> **Goal of the exercise**
Print all of the records. Exclude the images.

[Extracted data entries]
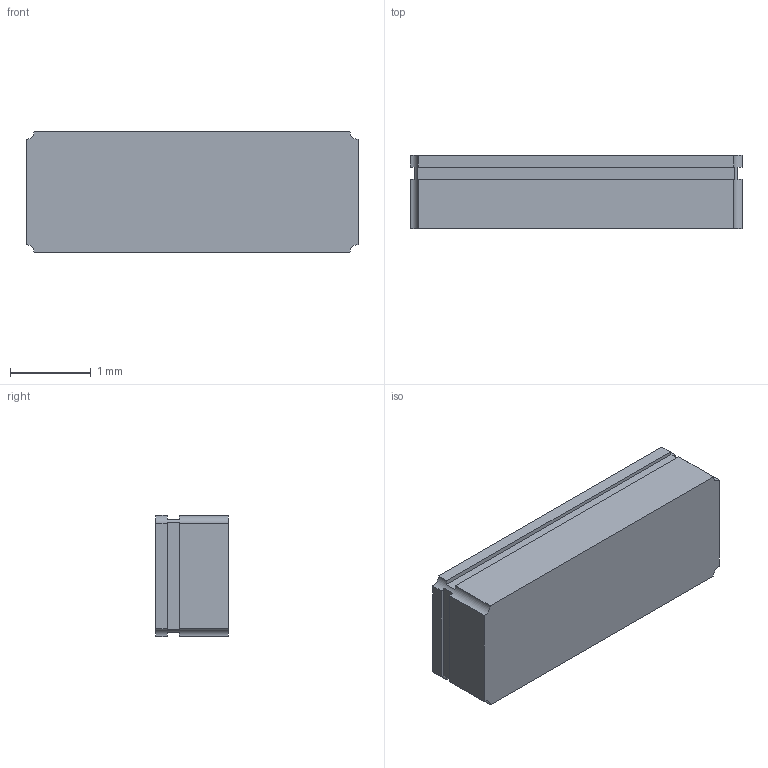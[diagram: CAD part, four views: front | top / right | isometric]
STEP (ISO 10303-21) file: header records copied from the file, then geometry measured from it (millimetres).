
FILE_DESCRIPTION(('STEP AP214'),'1');
FILE_NAME('XTAL_CC5V-T1A_MCX_2.step.stp','2025-12-22T16:42:18',(' '),(' '),'Spatial InterOp 3D',' ',' ');
FILE_SCHEMA(('AUTOMOTIVE_DESIGN { 1 0 10303 214 1 1 1 1 }'));
Length unit declared in the file: millimetre
Products named in the file (1): XTAL_CC5V-T1A_MCX_2
Bounding box: 4.1 x 0.9 x 1.5 mm (x, y, z)
Volume: 5.4 mm3; surface area: 23.2 mm2
Topology: 1 solids, 1 shells, 26 faces, 72 edges, 48 vertices
Faces by surface type: plane 22, cylinder 4
Entity records: 866 total; most frequent: DIRECTION 150, CARTESIAN_POINT 147, ORIENTED_EDGE 144, EDGE_CURVE 72, AXIS2_PLACEMENT_3D 51, VERTEX_POINT 48, LINE 48, VECTOR 48

> **Result for this exercise**
[diagram: CAD part, four views: front | top / right | isometric]
STEP (ISO 10303-21) file: header records copied from the file, then geometry measured from it (millimetres).
FILE_DESCRIPTION(('STEP AP214'),'1');
FILE_NAME('XTAL_CC5V-T1A_MCX_2.step.stp','2025-12-22T16:42:18',(' '),(' '),'Spatial InterOp 3D',' ',' ');
FILE_SCHEMA(('AUTOMOTIVE_DESIGN { 1 0 10303 214 1 1 1 1 }'));
Length unit declared in the file: millimetre
Products named in the file (1): XTAL_CC5V-T1A_MCX_2
Bounding box: 4.1 x 0.9 x 1.5 mm (x, y, z)
Volume: 5.4 mm3; surface area: 23.2 mm2
Topology: 1 solids, 1 shells, 26 faces, 72 edges, 48 vertices
Faces by surface type: plane 22, cylinder 4
Entity records: 866 total; most frequent: DIRECTION 150, CARTESIAN_POINT 147, ORIENTED_EDGE 144, EDGE_CURVE 72, AXIS2_PLACEMENT_3D 51, VERTEX_POINT 48, LINE 48, VECTOR 48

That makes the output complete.